----- MATERIAL FOR THIS TASK -----

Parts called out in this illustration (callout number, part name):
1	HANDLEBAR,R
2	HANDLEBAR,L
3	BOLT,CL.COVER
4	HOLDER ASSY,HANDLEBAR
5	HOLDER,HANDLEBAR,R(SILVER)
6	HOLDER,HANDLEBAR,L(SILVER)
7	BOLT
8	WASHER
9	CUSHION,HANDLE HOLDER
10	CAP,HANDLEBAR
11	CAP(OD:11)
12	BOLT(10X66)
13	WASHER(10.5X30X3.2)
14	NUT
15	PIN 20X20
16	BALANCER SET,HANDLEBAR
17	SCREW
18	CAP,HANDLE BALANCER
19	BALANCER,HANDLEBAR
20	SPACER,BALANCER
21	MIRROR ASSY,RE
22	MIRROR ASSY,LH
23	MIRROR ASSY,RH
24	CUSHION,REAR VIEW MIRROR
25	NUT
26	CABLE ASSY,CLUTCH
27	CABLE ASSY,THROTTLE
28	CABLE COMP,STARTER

-----
----- MATERIAL FOR THIS TASK -----

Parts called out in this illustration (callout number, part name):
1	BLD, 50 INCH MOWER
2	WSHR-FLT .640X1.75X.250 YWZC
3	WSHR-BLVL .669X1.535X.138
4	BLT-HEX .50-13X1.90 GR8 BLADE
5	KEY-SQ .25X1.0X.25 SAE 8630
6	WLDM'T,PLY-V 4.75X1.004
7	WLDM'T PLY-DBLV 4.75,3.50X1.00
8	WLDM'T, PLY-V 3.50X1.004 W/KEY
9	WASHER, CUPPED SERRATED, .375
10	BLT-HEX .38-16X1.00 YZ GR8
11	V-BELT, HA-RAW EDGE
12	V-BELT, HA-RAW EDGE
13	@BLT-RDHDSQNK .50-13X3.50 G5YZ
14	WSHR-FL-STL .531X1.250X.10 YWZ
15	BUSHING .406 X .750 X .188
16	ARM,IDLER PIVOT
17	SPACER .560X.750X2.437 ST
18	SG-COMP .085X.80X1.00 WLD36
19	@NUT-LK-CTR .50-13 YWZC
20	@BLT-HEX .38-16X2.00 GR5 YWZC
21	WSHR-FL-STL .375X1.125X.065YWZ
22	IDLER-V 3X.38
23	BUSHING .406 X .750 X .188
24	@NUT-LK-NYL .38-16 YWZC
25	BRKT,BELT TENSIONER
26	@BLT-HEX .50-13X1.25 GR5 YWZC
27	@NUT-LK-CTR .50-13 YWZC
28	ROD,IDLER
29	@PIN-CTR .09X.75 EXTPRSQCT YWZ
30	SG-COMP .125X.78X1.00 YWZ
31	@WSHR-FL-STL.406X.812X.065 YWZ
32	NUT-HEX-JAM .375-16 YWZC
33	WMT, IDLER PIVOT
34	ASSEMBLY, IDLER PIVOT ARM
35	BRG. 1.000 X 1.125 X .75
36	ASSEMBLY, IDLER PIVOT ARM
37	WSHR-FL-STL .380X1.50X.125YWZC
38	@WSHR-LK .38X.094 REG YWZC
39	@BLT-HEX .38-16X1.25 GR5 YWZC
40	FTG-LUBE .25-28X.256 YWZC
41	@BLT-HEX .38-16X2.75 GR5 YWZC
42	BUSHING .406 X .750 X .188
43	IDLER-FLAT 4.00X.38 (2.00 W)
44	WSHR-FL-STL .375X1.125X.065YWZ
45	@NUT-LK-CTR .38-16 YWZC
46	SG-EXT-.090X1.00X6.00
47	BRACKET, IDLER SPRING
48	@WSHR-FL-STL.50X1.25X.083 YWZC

-----
----- MATERIAL FOR THIS TASK -----

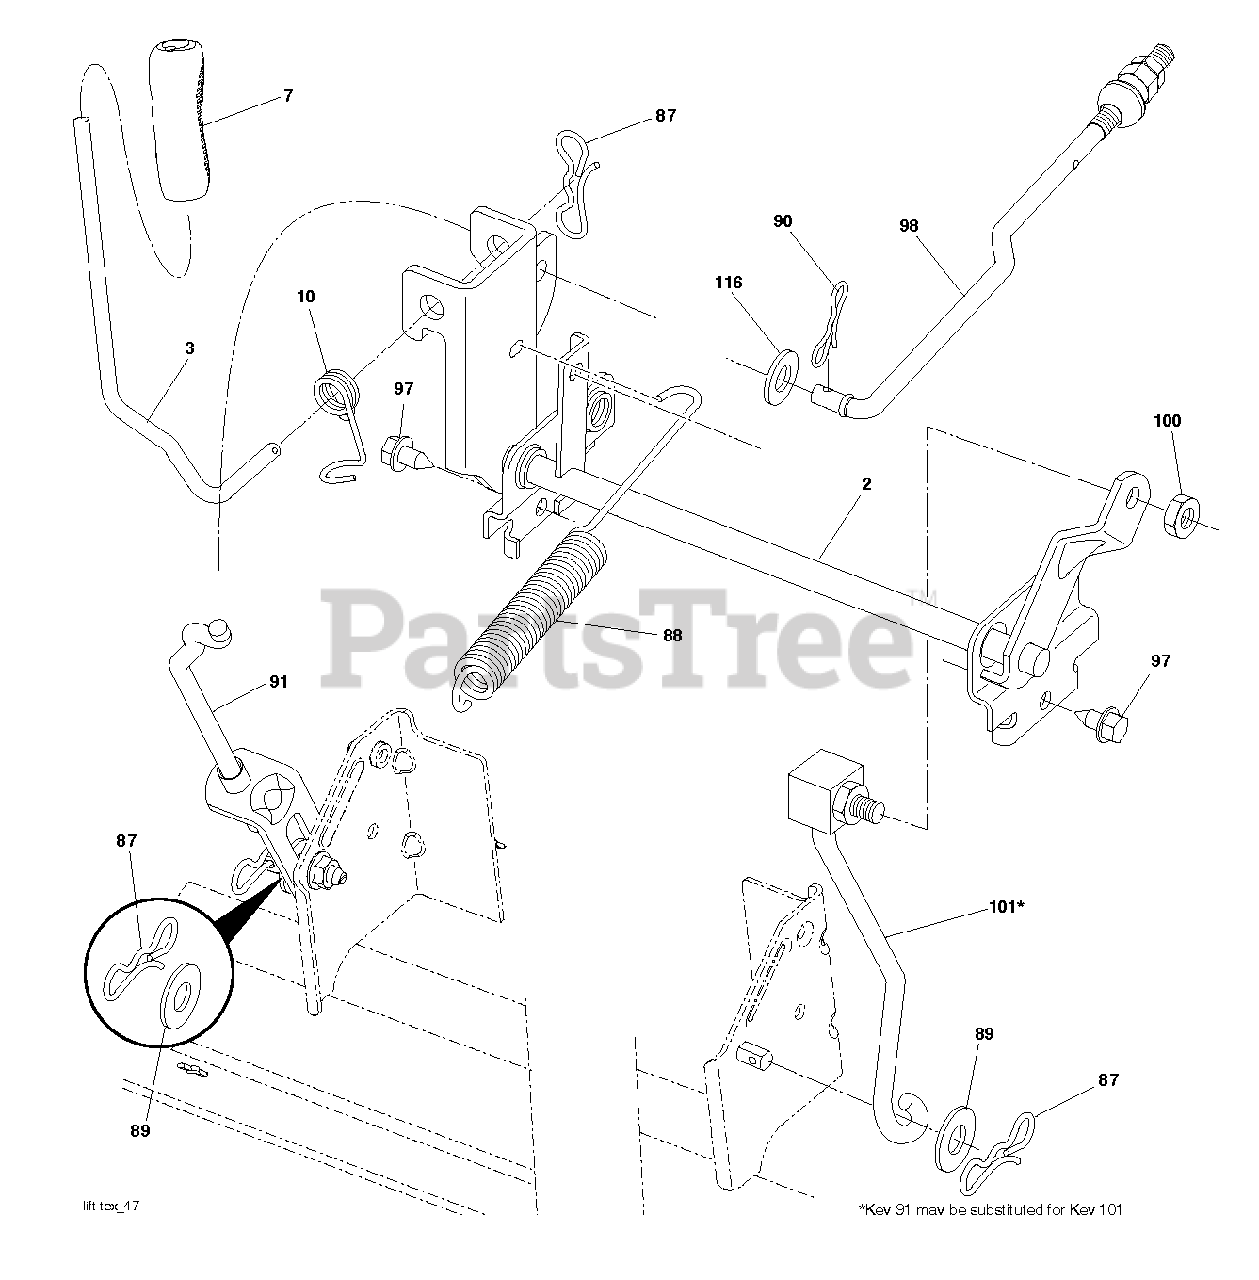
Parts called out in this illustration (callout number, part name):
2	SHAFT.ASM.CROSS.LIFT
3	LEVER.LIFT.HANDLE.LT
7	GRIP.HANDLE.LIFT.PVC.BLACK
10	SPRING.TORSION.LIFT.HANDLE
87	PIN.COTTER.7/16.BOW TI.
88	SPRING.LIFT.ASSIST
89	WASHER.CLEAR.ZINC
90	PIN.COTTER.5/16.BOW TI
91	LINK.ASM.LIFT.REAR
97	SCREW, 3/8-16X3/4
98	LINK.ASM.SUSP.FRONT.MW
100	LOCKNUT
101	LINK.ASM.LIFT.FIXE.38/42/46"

-----

## ABOUT THIS TASK
Which lines of the data contain the string "ASSEMBLY"? Copy each one.

## ANSWER SECTION
34	ASSEMBLY, IDLER PIVOT ARM
36	ASSEMBLY, IDLER PIVOT ARM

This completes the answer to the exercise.